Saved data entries
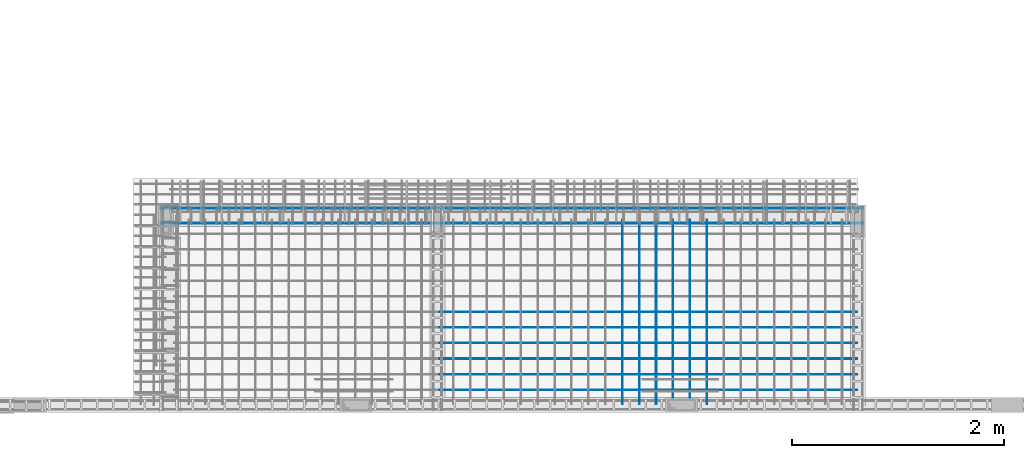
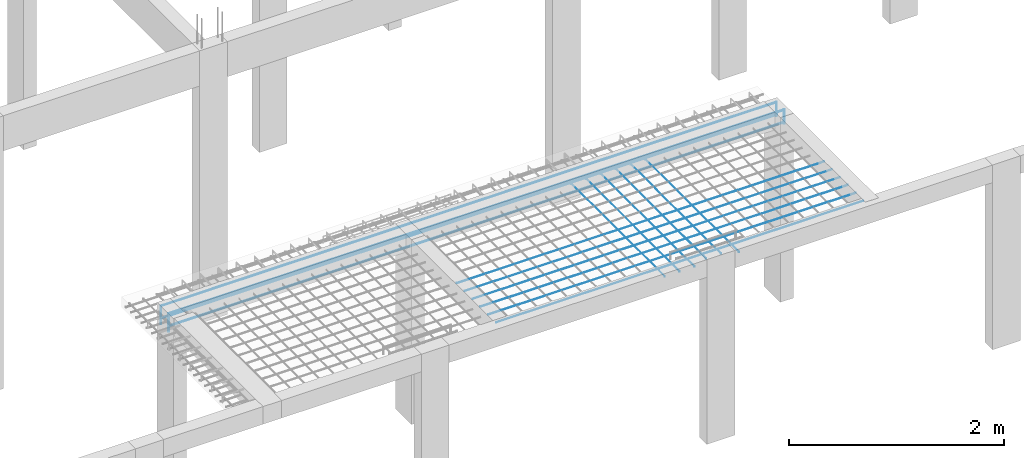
# One storey, part 40 of 236: 16 reinforcing bars.
"""IFC4 building model written with IfcOpenShell, lengths in centimetres."""

from ifc_helpers import new_model, entity, si_unit, derived_unit, frame, origin_with_axes, place, context, project, spatial, element, save


model = new_model("IFC4")

# Units and contexts
model_context = context("Model", 3, precision=1e-05, world=origin_with_axes(), identifier="Body")
ifc_project = project(units=[si_unit("LENGTHUNIT", "METRE", prefix="CENTI"), si_unit("VOLUMEUNIT", "CUBIC_METRE"), si_unit("AREAUNIT", "SQUARE_METRE"), si_unit("POWERUNIT", "WATT"), si_unit("LUMINOUSFLUXUNIT", "LUMEN"), si_unit("ELECTRICCURRENTUNIT", "AMPERE"), si_unit("PRESSUREUNIT", "PASCAL", prefix="KILO"), si_unit("MASSUNIT", "GRAM", prefix="KILO"), si_unit("PLANEANGLEUNIT", "RADIAN"), derived_unit("VOLUMETRICFLOWRATEUNIT", [(si_unit("LENGTHUNIT", "METRE"), 3), (si_unit("TIMEUNIT", "SECOND"), -1)])], contexts=[model_context])

# Site, building, storey
site_placement = place(None, frame((-4000.0, 0.0, 0.0), z_axis=(0.0, 0.0, 1.0), x_axis=(1.0, 0.0, 0.0)))
site = spatial("IfcSite", under=ifc_project, at=site_placement, Name="PADRÃO")
building_placement = place(site_placement, frame((0.0, 0.0, -14.0)))
building = spatial("IfcBuilding", under=site, at=building_placement, Name="CRECHE PRÉ-ESCOLA TIPO 2")
placement_1 = place(building_placement, origin_with_axes())
placement_2 = place(placement_1, frame((0.0, 0.0, 30.0), z_axis=(0.0, 0.0, 1.0), x_axis=(1.0, 0.0, 0.0)))
storey_placement = place(placement_2, frame((0.0, 0.0, 310.0), z_axis=(0.0, 0.0, 1.0), x_axis=(1.0, 0.0, 0.0)))
storey = spatial("IfcBuildingStorey", under=building, at=storey_placement, Name="TERREO", CompositionType="ELEMENT", Elevation=326.0)

# Reinforcing bars
for number, where, z_axis, x_axis, name in (
    (1, (3091.52125, 96.75, -109.5), (0.0, 0.0, 1.0), (1.0, 0.0, 0.0), "L3 - Inferior X"),
    (2, (3027.77125, 96.75, -109.5), (0.0, 0.0, 1.0), (1.0, 0.0, 0.0), "L3 - Inferior X"),
    (3, (3011.83375, 96.75, -109.5), (0.0, 0.0, 1.0), (1.0, 0.0, 0.0), "L3 - Inferior X"),
    (4, (3043.70875, 96.75, -109.5), (0.0, 0.0, 1.0), (1.0, 0.0, 0.0), "L3 - Inferior X"),
):
    element("IfcReinforcingBar", number, at=place(storey_placement, frame(where, z_axis=z_axis, x_axis=x_axis)), inside=storey, Name=name, BarLength=0.0, CrossSectionArea=1.9634954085e-05, NominalDiameter=0.5, PredefinedType="MAIN", context=model_context, shape_type="AdvancedSweptSolid", body=[
        entity("IfcSweptDiskSolid", entity("IfcCompositeCurve", [entity("IfcCompositeCurveSegment", "CONTINUOUS", True, entity("IfcPolyline", [entity("IfcCartesianPoint", [0.0, -86.75, -0.25]), entity("IfcCartesianPoint", [0.0, 86.75, -0.25])]))], False), 0.25),
    ])
for number, where, z_axis, x_axis, name in (
    (5, (3059.64625, 99.75, -109.5), (0.0, 0.0, 1.0), (1.0, 0.0, 0.0), "L3 - Inferior X"),
    (6, (3075.58375, 99.75, -109.5), (0.0, 0.0, 1.0), (1.0, 0.0, 0.0), "L3 - Inferior X"),
):
    element("IfcReinforcingBar", number, at=place(storey_placement, frame(where, z_axis=z_axis, x_axis=x_axis)), inside=storey, Name=name, BarLength=0.0, CrossSectionArea=1.9634954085e-05, NominalDiameter=0.5, PredefinedType="MAIN", context=model_context, shape_type="AdvancedSweptSolid", body=[
        entity("IfcSweptDiskSolid", entity("IfcCompositeCurve", [entity("IfcCompositeCurveSegment", "CONTINUOUS", True, entity("IfcPolyline", [entity("IfcCartesianPoint", [0.0, -83.75, -0.25]), entity("IfcCartesianPoint", [0.0, 83.75, -0.25])]))], False), 0.25),
    ])
for number, where, z_axis, x_axis, name in (
    (7, (3035.735, 23.3409090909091, -109.0), (0.0, 0.0, 1.0), (1.0, 0.0, 0.0), "L3 - Inferior Y"),
    (8, (3035.735, 67.3863636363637, -109.0), (0.0, 0.0, 1.0), (1.0, 0.0, 0.0), "L3 - Inferior Y"),
    (9, (3035.735, 82.0681818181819, -109.0), (0.0, 0.0, 1.0), (1.0, 0.0, 0.0), "L3 - Inferior Y"),
    (10, (3035.735, 96.75, -109.0), (0.0, 0.0, 1.0), (1.0, 0.0, 0.0), "L3 - Inferior Y"),
    (11, (3035.735, 52.7045454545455, -109.0), (0.0, 0.0, 1.0), (1.0, 0.0, 0.0), "L3 - Inferior Y"),
    (12, (3035.735, 38.0227272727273, -109.0), (0.0, 0.0, 1.0), (1.0, 0.0, 0.0), "L3 - Inferior Y"),
):
    element("IfcReinforcingBar", number, at=place(storey_placement, frame(where, z_axis=z_axis, x_axis=x_axis)), inside=storey, Name=name, BarLength=0.0, CrossSectionArea=1.9634954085e-05, NominalDiameter=0.5, PredefinedType="MAIN", context=model_context, shape_type="AdvancedSweptSolid", body=[
        entity("IfcSweptDiskSolid", entity("IfcCompositeCurve", [entity("IfcCompositeCurveSegment", "CONTINUOUS", True, entity("IfcPolyline", [entity("IfcCartesianPoint", [197.245, 0.0, -0.25]), entity("IfcCartesianPoint", [-197.245, 0.0, -0.25])]))], False), 0.25),
    ])
for number, where, z_axis, x_axis, name in (
    (13, (2907.7231248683, 194.6, -107.1), (0.0, 0.0, 1.0), (1.0, 0.0, 0.0), "V322 - Longitudinal inferior"),
    (14, (2907.7231248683, 180.4, -107.1), (0.0, 0.0, 1.0), (1.0, 0.0, 0.0), "V322 - Longitudinal inferior"),
):
    element("IfcReinforcingBar", number, at=place(storey_placement, frame(where, z_axis=z_axis, x_axis=x_axis)), inside=storey, Name=name, BarLength=0.0, CrossSectionArea=5.0265482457e-05, NominalDiameter=0.8, PredefinedType="MAIN", context=model_context, shape_type="AdvancedSweptSolid", body=[
        entity("IfcSweptDiskSolid", entity("IfcCompositeCurve", [entity("IfcCompositeCurveSegment", "CONTINUOUS", True, entity("IfcPolyline", [entity("IfcCartesianPoint", [-330.863124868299, 0.0, 0.0]), entity("IfcCartesianPoint", [-330.863124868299, 0.0, -10.0])])), entity("IfcCompositeCurveSegment", "CONTINUOUS", True, entity("IfcPolyline", [entity("IfcCartesianPoint", [-330.863124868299, 0.0, -10.0]), entity("IfcCartesianPoint", [331.266875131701, 0.0, -10.0])]))], False), 0.4),
    ])
for number, where, z_axis, x_axis, name in (
    (15, (2907.725, 180.4, -102.496249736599), (0.0, 0.0, 1.0), (1.0, 0.0, 0.0), "V322 - Longitudinal superior"),
    (16, (2907.725, 194.6, -102.496249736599), (0.0, 0.0, 1.0), (1.0, 0.0, 0.0), "V322 - Longitudinal superior"),
):
    element("IfcReinforcingBar", number, at=place(storey_placement, frame(where, z_axis=z_axis, x_axis=x_axis)), inside=storey, Name=name, BarLength=0.0, CrossSectionArea=5.0265482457e-05, NominalDiameter=0.8, PredefinedType="MAIN", context=model_context, shape_type="AdvancedSweptSolid", body=[
        entity("IfcSweptDiskSolid", entity("IfcCompositeCurve", [entity("IfcCompositeCurveSegment", "CONTINUOUS", True, entity("IfcPolyline", [entity("IfcCartesianPoint", [-330.865, 0.0, -21.0841562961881]), entity("IfcCartesianPoint", [-330.865, 0.0, -0.403750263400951])])), entity("IfcCompositeCurveSegment", "CONTINUOUS", True, entity("IfcPolyline", [entity("IfcCartesianPoint", [-330.865, 0.0, -0.403750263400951]), entity("IfcCartesianPoint", [330.865, 0.0, -0.403750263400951])])), entity("IfcCompositeCurveSegment", "CONTINUOUS", True, entity("IfcPolyline", [entity("IfcCartesianPoint", [330.865, 0.0, -0.403750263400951]), entity("IfcCartesianPoint", [330.865, 0.0, -16.3306878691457])]))], False), 0.4),
    ])

save(model, "model.ifc")

• **Assignment**:
Please take the lines from the beginning of the data above through the line holding "# Units and contexts" and transcribe them exactly, without any pictures.

• **Response to this exercise**:
# One storey, part 40 of 236: 16 reinforcing bars.
"""IFC4 building model written with IfcOpenShell, lengths in centimetres."""

from ifc_helpers import new_model, entity, si_unit, derived_unit, frame, origin_with_axes, place, context, project, spatial, element, save


model = new_model("IFC4")

# Units and contexts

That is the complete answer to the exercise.